Propagation Between Environments

Even when environments are well-managed, the process of promoting changes between them is often where things break.

The ideal model is simple: a change that passes in one environment should be deployable to the next environment without modification. The environment should change, not the application. If the production environment requires different configuration than staging — different secrets, different endpoints, different scaling parameters — that should be a property of the environment definition, not something embedded in the deployment artefact.

In practice, this is rarely how it works. Configuration is often baked into build artefacts. Deployment scripts have environment-specific branches. The process of getting something from staging to production involves a checklist of manual steps that someone has to remember to follow in the right order.

This creates a specific failure mode: something works perfectly in staging and breaks in production not because of a code bug but because of a difference in how it was deployed. The fix is a hotfix, not a code change. The root cause is that the environments are not as similar as they appeared.

What Well-Designed Environments Look Like

The characteristics of an environment model that actually works:

Environments are defined, not accumulated. The entire configuration of an environment — providers, infrastructure topology, access controls, scaling parameters — is a definition that can be version-controlled, reviewed, and reproduced. Manual changes to live environments are not the normal workflow.

Parity is structural, not aspirational. Local, staging, and production run the same application code, the same communication model, and the same execution environment. What differs between them is configuration: which provider they run on, which data stores they point at, what scaling limits apply. The application does not know or care which environment it is in.

Branch environments are cheap to create and automatic to clean up. Creating an environment for a feature branch is a one-command or zero-command operation. It inherits the environment definition from the parent branch. When the branch is merged or closed, the environment is cleaned up automatically. Parallel development requires no coordination.

Promotion is a configuration change. Deploying to production means applying the production environment configuration to the same application artefact that was tested in staging. There are no environment-specific build steps, no manual configuration differences, no deployment scripts that behave differently depending on the target. If it worked in staging with the staging configuration, it will work in production with the production configuration.

Sub-environments support feature isolation within a shared environment. For teams that need shared resources — a shared integration environment, a shared demo environment — the environment model should support isolated sub-environments per application or per branch within that shared context. Teams share the environment as a deployment target without sharing state.

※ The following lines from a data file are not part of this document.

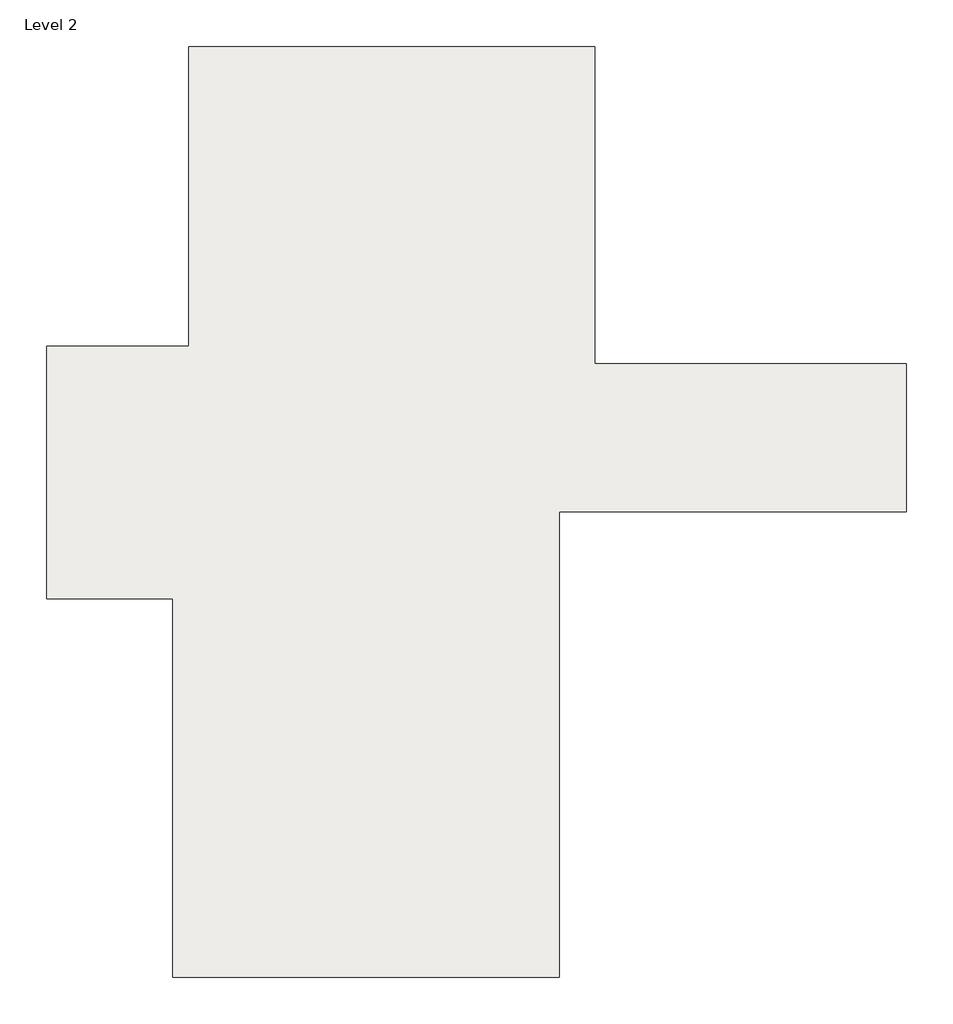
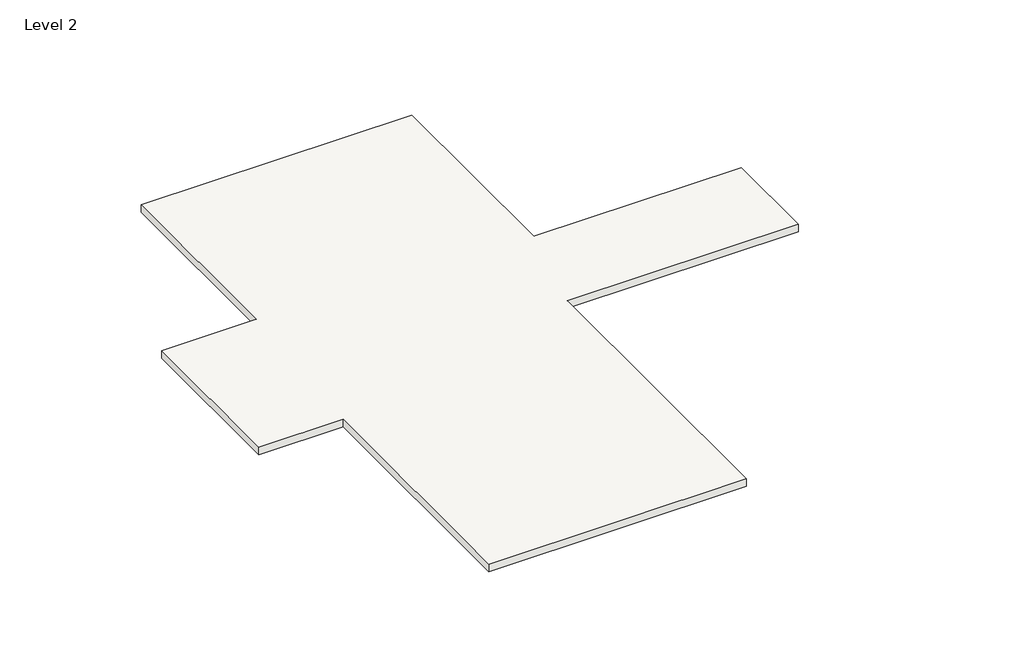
# One storey: 1 slab.
"""IFC4 building model written with IfcOpenShell, lengths in millimetres."""

import ifcopenshell
import ifcopenshell.guid

model = None  # the IFC model being written
_history = None  # IfcOwnerHistory: only IFC2X3 demands one
_inside = {}  # id of a spatial element -> (the spatial element, [elements in it])
_under = {}  # id of a project, library or spatial element -> (it, [spatial elements below it])
_declared = {}  # id of a project -> (the project, [libraries it declares])
_typed = {}  # id of a type object -> (the type object, [elements of that type])
_made_of = {}  # id of a material, layer set ... -> (it, [elements and type objects made of it])


def new_model(schema):
    """Start an empty IFC model of exactly this schema.

    Asked for "IFC4X3", IfcOpenShell would pick the latest addendum, in which some entities
    have other attributes; the version numbers below select the first issue.
    IFC2X3 requires an IfcOwnerHistory on every rooted entity: one is made here for all.
    """
    global model, _history
    if schema == "IFC4X3":
        model = ifcopenshell.file(schema_version=(4, 3, 0, 0))
    else:
        model = ifcopenshell.file(schema=schema)
    _inside.clear()
    _under.clear()
    _declared.clear()
    _typed.clear()
    _made_of.clear()
    _history = None
    if model.schema == "IFC2X3":
        org = make("IfcOrganization", Name="unknown")
        user = make(
            "IfcPersonAndOrganization",
            ThePerson=make("IfcPerson", FamilyName="unknown"),
            TheOrganization=org,
        )
        app = make(
            "IfcApplication",
            ApplicationDeveloper=org,
            Version="unknown",
            ApplicationFullName="unknown",
            ApplicationIdentifier="unknown",
        )
        _history = make(
            "IfcOwnerHistory",
            OwningUser=user,
            OwningApplication=app,
            ChangeAction="ADDED",
            CreationDate=0,
        )
    return model


def make(cls, **values):
    """One entity of the class cls with the attributes given. An attribute that is None is left unset."""
    return model.create_entity(
        cls, **{name: value for name, value in values.items() if value is not None}
    )


def rooted(cls, **values):
    """An entity with a GlobalId (a new one), such as an element, a storey or a relation."""
    return make(cls, GlobalId=ifcopenshell.guid.new(), OwnerHistory=_history, **values)


def si_unit(unit_type, name, prefix=None):
    """IfcSIUnit, for example si_unit("LENGTHUNIT", "METRE", prefix="MILLI")."""
    return make("IfcSIUnit", UnitType=unit_type, Prefix=prefix, Name=name)


def assignment(units):
    """IfcUnitAssignment: the units of a project."""
    return None if units is None else make("IfcUnitAssignment", Units=units)


def point(xyz):
    """IfcCartesianPoint."""
    return None if xyz is None else make("IfcCartesianPoint", Coordinates=xyz)


def direction(xyz):
    """IfcDirection."""
    return None if xyz is None else make("IfcDirection", DirectionRatios=xyz)


def frame(location, z_axis=None, x_axis=None):
    """IfcAxis2Placement3D, a coordinate frame: its origin and axes. An axis left out is left unset."""
    return make(
        "IfcAxis2Placement3D",
        Location=point(location),
        Axis=direction(z_axis),
        RefDirection=direction(x_axis),
    )


def origin():
    """The frame at (0, 0, 0) with its axes left unset."""
    return frame((0.0, 0.0, 0.0))


def place(relative_to, where):
    """IfcLocalPlacement: puts the frame where relative to a parent placement (None: the world)."""
    return make(
        "IfcLocalPlacement", PlacementRelTo=relative_to, RelativePlacement=where
    )


def context(
    kind, dimensions, precision=None, world=None, true_north=None, identifier=None
):
    """IfcGeometricRepresentationContext, for example the 3D "Model" context."""
    return make(
        "IfcGeometricRepresentationContext",
        ContextIdentifier=identifier,
        ContextType=kind,
        CoordinateSpaceDimension=dimensions,
        Precision=precision,
        WorldCoordinateSystem=world,
        TrueNorth=true_north,
    )


def project(units=None, contexts=None):
    """IfcProject with its units and contexts."""
    return rooted(
        "IfcProject",
        Name="project",
        RepresentationContexts=contexts,
        UnitsInContext=assignment(units),
    )


def spatial(cls, under=None, at=None, **own):
    """A site, building, storey or space (cls), placed at a placement, below another one or the project."""
    s = rooted(cls, ObjectPlacement=at, **own)
    if under is not None:
        _under.setdefault(under.id(), (under, []))[1].append(s)
    return s


def polyline(points):
    """IfcPolyline through the points."""
    return make("IfcPolyline", Points=[point(p) for p in points])


def outline(outer, holes=None, kind="AREA"):
    """IfcArbitraryClosedProfileDef: a profile drawn as a closed curve; with holes, ...WithVoids."""
    if holes is None:
        return make("IfcArbitraryClosedProfileDef", ProfileType=kind, OuterCurve=outer)
    return make(
        "IfcArbitraryProfileDefWithVoids",
        ProfileType=kind,
        OuterCurve=outer,
        InnerCurves=holes,
    )


def extrude(swept, where, along, depth):
    """IfcExtrudedAreaSolid: the profile swept, set in the frame where, extruded along a direction by depth."""
    return make(
        "IfcExtrudedAreaSolid",
        SweptArea=swept,
        Position=where,
        ExtrudedDirection=direction(along),
        Depth=depth,
    )


def shape(context_of_items, identifier, shape_type, items):
    """IfcShapeRepresentation: the items that make up one representation, for example the "Body"."""
    return make(
        "IfcShapeRepresentation",
        ContextOfItems=context_of_items,
        RepresentationIdentifier=identifier,
        RepresentationType=shape_type,
        Items=items,
    )


def made_of(thing, what):
    """Note that an element or type object is made of a material, layer set ...; save() writes the relation."""
    if what is not None:
        _made_of.setdefault(what.id(), (what, []))[1].append(thing)
    return thing


def element(
    cls,
    number,
    at=None,
    inside=None,
    cuts=None,
    type_object=None,
    material=None,
    context=None,
    identifier="Body",
    shape_type=None,
    held_by="IfcProductDefinitionShape",
    body=None,
    shapes=None,
    **own,
):
    """One element of the class cls, such as IfcWall. Its Tag is "e" and its number.

    at: its placement. inside: the storey or other place that contains it. cuts: it is an
    opening in that element (IfcRelVoidsElement). A single representation is given by context,
    identifier, shape_type and body (its items); several are given by shapes. held_by: the class
    of the entity that holds the representations. save() writes the other relations.
    """
    e = rooted(cls, Tag="e%d" % number, ObjectPlacement=at, **own)
    if body is not None:
        shapes = [shape(context, identifier, shape_type, body)]
    if shapes is not None:
        e.Representation = make(held_by, Representations=shapes)
    if inside is not None:
        _inside.setdefault(inside.id(), (inside, []))[1].append(e)
    if cuts is not None:
        rooted(
            "IfcRelVoidsElement", RelatingBuildingElement=cuts, RelatedOpeningElement=e
        )
    if type_object is not None:
        _typed.setdefault(type_object.id(), (type_object, []))[1].append(e)
    return made_of(e, material)


def aggregate(whole, parts):
    """IfcRelAggregates: a whole, such as a stair, and the parts it consists of."""
    return rooted("IfcRelAggregates", RelatingObject=whole, RelatedObjects=parts)


def save(model, path):
    """Write the relations noted so far, then the file.

    IfcRelAggregates (storeys below a building ...), IfcRelContainedInSpatialStructure (elements
    in a storey), IfcRelDefinesByType, IfcRelAssociatesMaterial and IfcRelDeclares: one each for
    every whole, place, type object, material and project.
    """
    for whole, parts in _under.values():
        aggregate(whole, parts)
    for where, things in _inside.values():
        rooted(
            "IfcRelContainedInSpatialStructure",
            RelatedElements=things,
            RelatingStructure=where,
        )
    for kind, things in _typed.values():
        rooted("IfcRelDefinesByType", RelatedObjects=things, RelatingType=kind)
    for what, things in _made_of.values():
        rooted("IfcRelAssociatesMaterial", RelatedObjects=things, RelatingMaterial=what)
    for by, libraries in _declared.values():
        rooted("IfcRelDeclares", RelatingContext=by, RelatedDefinitions=libraries)
    model.write(path)


model = new_model("IFC4")

# Units and contexts
model_context = context("Model", 3, world=origin())
ifc_project = project(units=[si_unit("LENGTHUNIT", "METRE", prefix="MILLI")], contexts=[model_context])

# Site, building, storey
site = spatial("IfcSite", under=ifc_project)
building = spatial("IfcBuilding", under=site)
storey = spatial("IfcBuildingStorey", under=building, Name="Level 2", Elevation=3400.0)

# Slab
placement = place(None, origin())
element("IfcSlab", 1, ObjectType="Generic 150mm", at=placement, inside=storey, context=model_context, shape_type="SweptSolid", body=[
    extrude(outline(polyline([(-1417.2426281, 6910.1043853), (-1417.2426281, 2890.1043853), (2532.7573719, 2890.1043853), (2532.7573719, 1010.1043853), (-1867.2426281, 1010.1043853), (-1867.2426281, -4889.8956147), (-6767.2426281, -4889.8956147), (-6767.2426281, -89.8956147), (-8367.2426281, -89.8956147), (-8367.2426281, 3110.1043853), (-6567.2426281, 3110.1043853), (-6567.2426281, 6910.1043853), (-1417.2426281, 6910.1043853)])), frame((0.0, 0.0, 3250.0), z_axis=(0.0, 0.0, 1.0), x_axis=(1.0, 0.0, 0.0)), (0.0, 0.0, 1.0), 150.0),
])

save(model, "model.ifc")

The Cost of Getting This Wrong

Environment problems are a tax on every team that has them, but the cost is distributed and invisible. Developers spend time waiting for staging to be available. QA blocks releases because the environment is not in a clean state. Incidents are caused by configuration differences that were never caught in testing. Time is spent debugging issues that turn out to be environment-related rather than code-related.

None of this shows up as a line item. It shows up as velocity that is slower than it should be, releases that are more stressful than they need to be, and bugs that reach production not because the code was wrong but because the conditions the code was tested in were not the conditions it ran in.

Getting environments right is not a luxury feature. It is a multiplier on everything else the team does.